▶ **ABOUT THIS EXERCISE**: No images, please. Copy each entry below exactly as it reads.

▶ **INFORMATION SUPPLIED**:
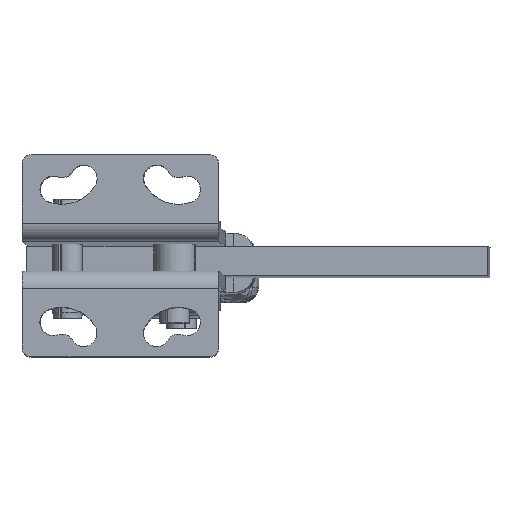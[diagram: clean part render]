
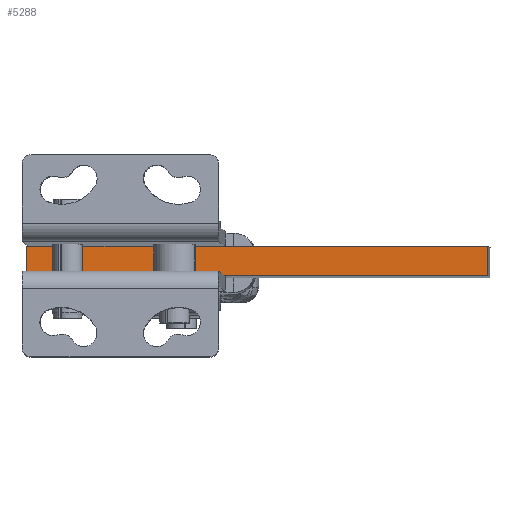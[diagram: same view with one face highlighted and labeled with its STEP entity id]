
A CAD part, front view. The second image highlights one B-rep face of the part: STEP entity #5288.
In plain terms, the highlighted planar face has unit normal (-0.026, -1, 0.021) as drawn and (0, -1, 0) by its records, which use the part's own axes.
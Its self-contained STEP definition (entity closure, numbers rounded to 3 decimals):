
#418 = DIRECTION ( 'NONE',  ( 1., 0., 0. ) ) ;
#551 = ORIENTED_EDGE ( 'NONE', *, *, #6597, .F. ) ;
#746 = EDGE_CURVE ( 'NONE', #13085, #11548, #2942, .T. ) ;
#846 = ORIENTED_EDGE ( 'NONE', *, *, #746, .F. ) ;
#1020 = CARTESIAN_POINT ( 'NONE',  ( 0., 0., 10. ) ) ;
#2234 = DIRECTION ( 'NONE',  ( 1., 0., 0. ) ) ;
#2305 = CARTESIAN_POINT ( 'NONE',  ( 0., 0., 0. ) ) ;
#2914 = ORIENTED_EDGE ( 'NONE', *, *, #5380, .T. ) ;
#2942 = LINE ( 'NONE', #12892, #4676 ) ;
#4676 = VECTOR ( 'NONE', #10949, 1000. ) ;
#4837 = VECTOR ( 'NONE', #418, 1000. ) ;
#5003 = AXIS2_PLACEMENT_3D ( 'NONE', #12197, #7117, #11262 ) ;
#5051 = ORIENTED_EDGE ( 'NONE', *, *, #11169, .T. ) ;
#5062 = FACE_OUTER_BOUND ( 'NONE', #5825, .T. ) ;
#5288 = ADVANCED_FACE ( 'Face3', ( #5062 ), #8123, .F. ) ;
#5380 = EDGE_CURVE ( 'NONE', #7134, #11548, #11377, .T. ) ;
#5825 = EDGE_LOOP ( 'NONE', ( #2914, #846, #551, #5051 ) ) ;
#6027 = LINE ( 'NONE', #1020, #11380 ) ;
#6597 = EDGE_CURVE ( 'NONE', #11948, #13085, #10456, .T. ) ;
#6693 = VECTOR ( 'NONE', #2234, 1000. ) ;
#7028 = DIRECTION ( 'NONE',  ( 0., 0., -1. ) ) ;
#7117 = DIRECTION ( 'NONE',  ( 0., 1., 0. ) ) ;
#7134 = VERTEX_POINT ( 'NONE', #9695 ) ;
#8123 = PLANE ( 'NONE',  #5003 ) ;
#8502 = CARTESIAN_POINT ( 'NONE',  ( 155., 0., 0. ) ) ;
#8512 = CARTESIAN_POINT ( 'NONE',  ( 0., 0., 10. ) ) ;
#9695 = CARTESIAN_POINT ( 'NONE',  ( 0., 0., 0. ) ) ;
#9957 = CARTESIAN_POINT ( 'NONE',  ( 0., 0., 10. ) ) ;
#10456 = LINE ( 'NONE', #8512, #4837 ) ;
#10949 = DIRECTION ( 'NONE',  ( 0., 0., -1. ) ) ;
#11169 = EDGE_CURVE ( 'NONE', #11948, #7134, #6027, .T. ) ;
#11262 = DIRECTION ( 'NONE',  ( 0., 0., 1. ) ) ;
#11347 = CARTESIAN_POINT ( 'NONE',  ( 155., 0., 10. ) ) ;
#11377 = LINE ( 'NONE', #2305, #6693 ) ;
#11380 = VECTOR ( 'NONE', #7028, 1000. ) ;
#11548 = VERTEX_POINT ( 'NONE', #8502 ) ;
#11948 = VERTEX_POINT ( 'NONE', #9957 ) ;
#12197 = CARTESIAN_POINT ( 'NONE',  ( 0., 0., 10. ) ) ;
#12892 = CARTESIAN_POINT ( 'NONE',  ( 155., 0., 10. ) ) ;
#13085 = VERTEX_POINT ( 'NONE', #11347 ) ;

▶ **OUTPUT FOR THIS EXERCISE**:
[diagram: clean part render]
[diagram: same view with one face highlighted and labeled with its STEP entity id]
A CAD part, front view. The second image highlights one B-rep face of the part: STEP entity #5288.
In plain terms, the highlighted planar face has unit normal (-0.026, -1, 0.021) as drawn and (0, -1, 0) by its records, which use the part's own axes.
Its self-contained STEP definition (entity closure, numbers rounded to 3 decimals):
#418 = DIRECTION ( 'NONE',  ( 1., 0., 0. ) ) ;
#551 = ORIENTED_EDGE ( 'NONE', *, *, #6597, .F. ) ;
#746 = EDGE_CURVE ( 'NONE', #13085, #11548, #2942, .T. ) ;
#846 = ORIENTED_EDGE ( 'NONE', *, *, #746, .F. ) ;
#1020 = CARTESIAN_POINT ( 'NONE',  ( 0., 0., 10. ) ) ;
#2234 = DIRECTION ( 'NONE',  ( 1., 0., 0. ) ) ;
#2305 = CARTESIAN_POINT ( 'NONE',  ( 0., 0., 0. ) ) ;
#2914 = ORIENTED_EDGE ( 'NONE', *, *, #5380, .T. ) ;
#2942 = LINE ( 'NONE', #12892, #4676 ) ;
#4676 = VECTOR ( 'NONE', #10949, 1000. ) ;
#4837 = VECTOR ( 'NONE', #418, 1000. ) ;
#5003 = AXIS2_PLACEMENT_3D ( 'NONE', #12197, #7117, #11262 ) ;
#5051 = ORIENTED_EDGE ( 'NONE', *, *, #11169, .T. ) ;
#5062 = FACE_OUTER_BOUND ( 'NONE', #5825, .T. ) ;
#5288 = ADVANCED_FACE ( 'Face3', ( #5062 ), #8123, .F. ) ;
#5380 = EDGE_CURVE ( 'NONE', #7134, #11548, #11377, .T. ) ;
#5825 = EDGE_LOOP ( 'NONE', ( #2914, #846, #551, #5051 ) ) ;
#6027 = LINE ( 'NONE', #1020, #11380 ) ;
#6597 = EDGE_CURVE ( 'NONE', #11948, #13085, #10456, .T. ) ;
#6693 = VECTOR ( 'NONE', #2234, 1000. ) ;
#7028 = DIRECTION ( 'NONE',  ( 0., 0., -1. ) ) ;
#7117 = DIRECTION ( 'NONE',  ( 0., 1., 0. ) ) ;
#7134 = VERTEX_POINT ( 'NONE', #9695 ) ;
#8123 = PLANE ( 'NONE',  #5003 ) ;
#8502 = CARTESIAN_POINT ( 'NONE',  ( 155., 0., 0. ) ) ;
#8512 = CARTESIAN_POINT ( 'NONE',  ( 0., 0., 10. ) ) ;
#9695 = CARTESIAN_POINT ( 'NONE',  ( 0., 0., 0. ) ) ;
#9957 = CARTESIAN_POINT ( 'NONE',  ( 0., 0., 10. ) ) ;
#10456 = LINE ( 'NONE', #8512, #4837 ) ;
#10949 = DIRECTION ( 'NONE',  ( 0., 0., -1. ) ) ;
#11169 = EDGE_CURVE ( 'NONE', #11948, #7134, #6027, .T. ) ;
#11262 = DIRECTION ( 'NONE',  ( 0., 0., 1. ) ) ;
#11347 = CARTESIAN_POINT ( 'NONE',  ( 155., 0., 10. ) ) ;
#11377 = LINE ( 'NONE', #2305, #6693 ) ;
#11380 = VECTOR ( 'NONE', #7028, 1000. ) ;
#11548 = VERTEX_POINT ( 'NONE', #8502 ) ;
#11948 = VERTEX_POINT ( 'NONE', #9957 ) ;
#12197 = CARTESIAN_POINT ( 'NONE',  ( 0., 0., 10. ) ) ;
#12892 = CARTESIAN_POINT ( 'NONE',  ( 155., 0., 10. ) ) ;
#13085 = VERTEX_POINT ( 'NONE', #11347 ) ;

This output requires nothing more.